Thursday, March 10, 2011

Squish and Glue Flowers: Converting old Primas


With the advent of Spring I get an incredible urge to clean out the clutter. I sell my children's out grown clothing, donate their old toys, tidy up the yard and yes even attack my crafting space. Part of decluttering my craft room involves repurposing my stash. I have a rule - if I haven't used or even thought about using a product within a year I have to either sell it or make it into something I will use. Otherwise all the junk piles up and drives me nutty. I thought I would share with you some of the new ways I am using stash items over the next few weeks.

Today I am sharing how to repurpose old Prima flowers. My girls call them "squish and glue flowers" and they are so easy my 5 and 8 year olds can do the basic version without help.
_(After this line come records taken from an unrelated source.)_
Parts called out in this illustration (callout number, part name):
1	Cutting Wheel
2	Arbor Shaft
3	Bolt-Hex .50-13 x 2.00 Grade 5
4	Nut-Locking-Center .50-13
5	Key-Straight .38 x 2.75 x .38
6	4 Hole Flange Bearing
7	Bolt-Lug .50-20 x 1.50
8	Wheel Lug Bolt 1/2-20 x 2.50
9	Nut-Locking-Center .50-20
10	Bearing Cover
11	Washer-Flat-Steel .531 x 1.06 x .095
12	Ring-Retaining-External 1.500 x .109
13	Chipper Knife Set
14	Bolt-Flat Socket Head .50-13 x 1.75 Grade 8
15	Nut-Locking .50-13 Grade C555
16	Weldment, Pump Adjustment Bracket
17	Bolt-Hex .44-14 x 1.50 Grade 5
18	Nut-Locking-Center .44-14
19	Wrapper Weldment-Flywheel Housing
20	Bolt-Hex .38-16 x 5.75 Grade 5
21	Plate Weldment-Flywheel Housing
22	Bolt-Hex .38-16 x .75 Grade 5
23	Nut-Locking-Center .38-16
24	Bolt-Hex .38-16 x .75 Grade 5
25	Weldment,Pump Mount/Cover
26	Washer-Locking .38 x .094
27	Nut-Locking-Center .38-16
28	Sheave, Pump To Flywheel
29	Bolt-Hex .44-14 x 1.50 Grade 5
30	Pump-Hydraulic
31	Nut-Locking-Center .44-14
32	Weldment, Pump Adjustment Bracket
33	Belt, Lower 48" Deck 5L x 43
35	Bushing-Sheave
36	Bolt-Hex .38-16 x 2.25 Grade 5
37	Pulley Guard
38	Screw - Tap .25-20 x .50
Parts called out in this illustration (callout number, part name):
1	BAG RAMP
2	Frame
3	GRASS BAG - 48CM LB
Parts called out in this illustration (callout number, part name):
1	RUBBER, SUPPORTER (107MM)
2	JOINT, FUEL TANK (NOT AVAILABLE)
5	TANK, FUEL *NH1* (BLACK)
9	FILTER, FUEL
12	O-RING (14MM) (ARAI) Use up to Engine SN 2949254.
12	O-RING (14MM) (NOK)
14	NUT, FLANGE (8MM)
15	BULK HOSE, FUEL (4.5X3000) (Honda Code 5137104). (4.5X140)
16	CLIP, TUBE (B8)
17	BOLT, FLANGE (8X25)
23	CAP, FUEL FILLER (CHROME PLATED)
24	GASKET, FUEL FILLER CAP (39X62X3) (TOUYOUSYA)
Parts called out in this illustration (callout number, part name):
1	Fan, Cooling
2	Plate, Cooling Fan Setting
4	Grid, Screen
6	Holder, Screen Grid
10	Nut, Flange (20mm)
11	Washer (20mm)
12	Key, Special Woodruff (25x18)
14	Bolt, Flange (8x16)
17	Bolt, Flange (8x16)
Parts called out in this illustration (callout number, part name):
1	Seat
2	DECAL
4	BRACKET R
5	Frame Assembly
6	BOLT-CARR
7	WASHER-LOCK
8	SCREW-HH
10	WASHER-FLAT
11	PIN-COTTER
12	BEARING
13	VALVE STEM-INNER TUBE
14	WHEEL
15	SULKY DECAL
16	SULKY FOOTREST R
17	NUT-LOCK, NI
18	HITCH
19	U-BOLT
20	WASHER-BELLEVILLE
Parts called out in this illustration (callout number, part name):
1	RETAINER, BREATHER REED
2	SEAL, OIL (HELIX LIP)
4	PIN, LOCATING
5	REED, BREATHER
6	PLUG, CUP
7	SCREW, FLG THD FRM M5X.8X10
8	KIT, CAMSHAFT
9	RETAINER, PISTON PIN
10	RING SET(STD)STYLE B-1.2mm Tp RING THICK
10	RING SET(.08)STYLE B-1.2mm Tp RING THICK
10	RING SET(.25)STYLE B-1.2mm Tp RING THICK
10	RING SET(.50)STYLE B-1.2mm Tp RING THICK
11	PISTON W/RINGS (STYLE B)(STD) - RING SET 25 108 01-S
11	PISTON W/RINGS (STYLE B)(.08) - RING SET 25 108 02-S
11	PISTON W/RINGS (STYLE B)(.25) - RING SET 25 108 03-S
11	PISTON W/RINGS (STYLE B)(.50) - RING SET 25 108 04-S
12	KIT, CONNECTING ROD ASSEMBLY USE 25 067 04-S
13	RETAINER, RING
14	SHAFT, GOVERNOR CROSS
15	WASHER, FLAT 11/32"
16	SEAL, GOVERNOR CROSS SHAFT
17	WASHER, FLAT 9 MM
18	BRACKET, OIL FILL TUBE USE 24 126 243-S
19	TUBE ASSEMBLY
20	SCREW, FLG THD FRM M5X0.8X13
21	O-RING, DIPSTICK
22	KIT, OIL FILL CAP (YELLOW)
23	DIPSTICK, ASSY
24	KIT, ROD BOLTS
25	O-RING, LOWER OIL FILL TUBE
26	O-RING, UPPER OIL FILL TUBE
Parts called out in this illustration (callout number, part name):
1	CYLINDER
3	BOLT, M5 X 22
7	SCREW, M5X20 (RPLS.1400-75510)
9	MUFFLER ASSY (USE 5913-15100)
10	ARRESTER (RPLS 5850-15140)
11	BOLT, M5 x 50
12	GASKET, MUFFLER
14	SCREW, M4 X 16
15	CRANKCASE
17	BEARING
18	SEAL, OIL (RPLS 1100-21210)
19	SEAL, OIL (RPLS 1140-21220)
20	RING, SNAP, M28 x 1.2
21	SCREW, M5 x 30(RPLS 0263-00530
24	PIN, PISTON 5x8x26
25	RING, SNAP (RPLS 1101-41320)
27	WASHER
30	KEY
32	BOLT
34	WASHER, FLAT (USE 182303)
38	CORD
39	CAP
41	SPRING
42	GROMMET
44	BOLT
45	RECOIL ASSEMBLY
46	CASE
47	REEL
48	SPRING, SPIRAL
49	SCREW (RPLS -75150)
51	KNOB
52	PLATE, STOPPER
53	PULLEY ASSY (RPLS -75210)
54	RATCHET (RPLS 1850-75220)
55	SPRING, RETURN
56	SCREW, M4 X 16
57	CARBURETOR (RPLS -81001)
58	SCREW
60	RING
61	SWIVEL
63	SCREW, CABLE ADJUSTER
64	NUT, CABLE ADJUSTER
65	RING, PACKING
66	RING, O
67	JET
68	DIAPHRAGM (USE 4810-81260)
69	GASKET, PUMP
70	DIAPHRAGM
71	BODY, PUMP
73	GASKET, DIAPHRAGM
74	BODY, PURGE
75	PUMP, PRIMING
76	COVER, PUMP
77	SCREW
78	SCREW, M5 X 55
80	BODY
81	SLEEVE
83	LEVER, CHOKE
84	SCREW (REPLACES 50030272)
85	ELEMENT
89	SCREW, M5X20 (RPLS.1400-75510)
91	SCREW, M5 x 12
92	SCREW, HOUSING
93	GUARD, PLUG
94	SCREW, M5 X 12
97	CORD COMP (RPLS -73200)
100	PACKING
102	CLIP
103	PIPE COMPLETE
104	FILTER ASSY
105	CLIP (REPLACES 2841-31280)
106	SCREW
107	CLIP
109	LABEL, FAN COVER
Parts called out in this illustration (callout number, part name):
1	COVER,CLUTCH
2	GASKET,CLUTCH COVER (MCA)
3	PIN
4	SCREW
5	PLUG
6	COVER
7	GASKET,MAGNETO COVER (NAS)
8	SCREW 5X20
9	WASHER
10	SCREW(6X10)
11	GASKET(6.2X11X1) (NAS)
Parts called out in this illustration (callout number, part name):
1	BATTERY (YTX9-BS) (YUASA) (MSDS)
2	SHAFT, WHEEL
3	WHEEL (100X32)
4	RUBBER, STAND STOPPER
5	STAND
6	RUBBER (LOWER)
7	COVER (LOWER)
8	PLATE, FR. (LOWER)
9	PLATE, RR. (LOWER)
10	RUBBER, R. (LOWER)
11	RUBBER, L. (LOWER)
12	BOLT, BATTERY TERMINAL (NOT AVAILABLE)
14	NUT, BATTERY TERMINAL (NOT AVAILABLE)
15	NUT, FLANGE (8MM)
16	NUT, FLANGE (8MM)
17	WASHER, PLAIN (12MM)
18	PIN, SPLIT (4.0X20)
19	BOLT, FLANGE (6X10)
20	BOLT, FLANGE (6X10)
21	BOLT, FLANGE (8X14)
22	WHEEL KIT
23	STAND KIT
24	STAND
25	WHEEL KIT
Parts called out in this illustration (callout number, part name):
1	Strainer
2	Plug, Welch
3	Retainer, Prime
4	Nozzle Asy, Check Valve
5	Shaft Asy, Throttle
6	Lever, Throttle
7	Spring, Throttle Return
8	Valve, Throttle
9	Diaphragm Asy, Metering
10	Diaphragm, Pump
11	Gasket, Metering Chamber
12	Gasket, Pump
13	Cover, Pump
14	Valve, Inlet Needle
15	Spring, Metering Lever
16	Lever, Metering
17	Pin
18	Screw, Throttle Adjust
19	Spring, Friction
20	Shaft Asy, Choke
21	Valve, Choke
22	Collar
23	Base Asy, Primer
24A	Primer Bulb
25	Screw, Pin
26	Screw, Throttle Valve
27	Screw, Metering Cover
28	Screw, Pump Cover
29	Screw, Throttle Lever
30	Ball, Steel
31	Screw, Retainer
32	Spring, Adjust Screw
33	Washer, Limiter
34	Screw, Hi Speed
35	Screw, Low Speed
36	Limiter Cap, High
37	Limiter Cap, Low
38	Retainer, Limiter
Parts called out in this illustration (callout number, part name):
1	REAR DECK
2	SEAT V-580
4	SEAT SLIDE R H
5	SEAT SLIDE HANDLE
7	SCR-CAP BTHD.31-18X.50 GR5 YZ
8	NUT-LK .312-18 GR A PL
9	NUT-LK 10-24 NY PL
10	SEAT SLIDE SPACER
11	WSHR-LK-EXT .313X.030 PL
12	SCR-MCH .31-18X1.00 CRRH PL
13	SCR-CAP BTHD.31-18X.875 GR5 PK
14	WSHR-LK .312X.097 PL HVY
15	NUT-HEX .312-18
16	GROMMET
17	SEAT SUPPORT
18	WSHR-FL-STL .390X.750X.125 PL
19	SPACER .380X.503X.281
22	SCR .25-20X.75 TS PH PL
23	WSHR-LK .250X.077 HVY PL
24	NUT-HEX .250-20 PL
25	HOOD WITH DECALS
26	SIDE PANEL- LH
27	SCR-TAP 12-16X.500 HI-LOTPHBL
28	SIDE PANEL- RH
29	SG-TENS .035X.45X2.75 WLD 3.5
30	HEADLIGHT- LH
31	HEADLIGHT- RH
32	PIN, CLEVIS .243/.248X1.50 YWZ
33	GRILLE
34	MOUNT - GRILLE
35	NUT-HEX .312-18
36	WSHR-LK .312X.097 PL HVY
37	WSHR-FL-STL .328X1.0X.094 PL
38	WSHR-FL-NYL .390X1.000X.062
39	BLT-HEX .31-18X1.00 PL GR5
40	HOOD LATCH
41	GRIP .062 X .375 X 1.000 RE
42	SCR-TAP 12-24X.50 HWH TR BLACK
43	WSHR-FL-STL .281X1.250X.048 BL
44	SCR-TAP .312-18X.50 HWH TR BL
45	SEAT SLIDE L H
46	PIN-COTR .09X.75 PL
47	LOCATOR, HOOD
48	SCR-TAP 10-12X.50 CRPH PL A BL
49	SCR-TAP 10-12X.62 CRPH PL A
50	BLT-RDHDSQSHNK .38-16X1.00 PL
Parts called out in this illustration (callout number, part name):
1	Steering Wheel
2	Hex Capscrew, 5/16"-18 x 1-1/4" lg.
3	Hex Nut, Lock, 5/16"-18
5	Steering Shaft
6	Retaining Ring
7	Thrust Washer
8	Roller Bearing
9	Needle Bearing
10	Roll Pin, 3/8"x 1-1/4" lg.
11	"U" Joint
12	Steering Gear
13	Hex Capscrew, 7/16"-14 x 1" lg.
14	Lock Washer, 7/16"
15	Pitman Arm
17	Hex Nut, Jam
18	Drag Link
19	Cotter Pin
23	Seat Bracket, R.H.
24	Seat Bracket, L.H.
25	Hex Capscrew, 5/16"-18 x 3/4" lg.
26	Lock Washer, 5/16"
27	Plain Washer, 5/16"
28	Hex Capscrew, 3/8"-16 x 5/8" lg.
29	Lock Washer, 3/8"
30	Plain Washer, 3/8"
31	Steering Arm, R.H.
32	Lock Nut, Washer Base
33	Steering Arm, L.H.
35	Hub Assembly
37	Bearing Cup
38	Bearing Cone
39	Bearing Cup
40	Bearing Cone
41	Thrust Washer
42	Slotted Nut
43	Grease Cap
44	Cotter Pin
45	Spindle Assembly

I have ton of these old flat Prima flowers - the ones that look like daises and come in a hundred different sizes and colors. I don't use them anymore because I am now drawn to the more dimensional flower types out there on the market today. Here is how to spruce those old blah Primas into something a bit more wowser!

Don't forget to stop by on Friday for the My Pink Stamper blog hop - I put together something extra special for the post!

SUPPLIES

Prima Flat Flowers
Aleene's Tacky Glue
Scissors
VersaMark Ink
Flower Punch (for the leaves)
Green Cardstock
A Stylus







THE HOW TO'S


1. Sort your flowers by size, shape and color. As each repurposed flower requires 3 or 4 flat flowers this will help you to choose how best to build your flowers. It will also expedite the process to be organized up front.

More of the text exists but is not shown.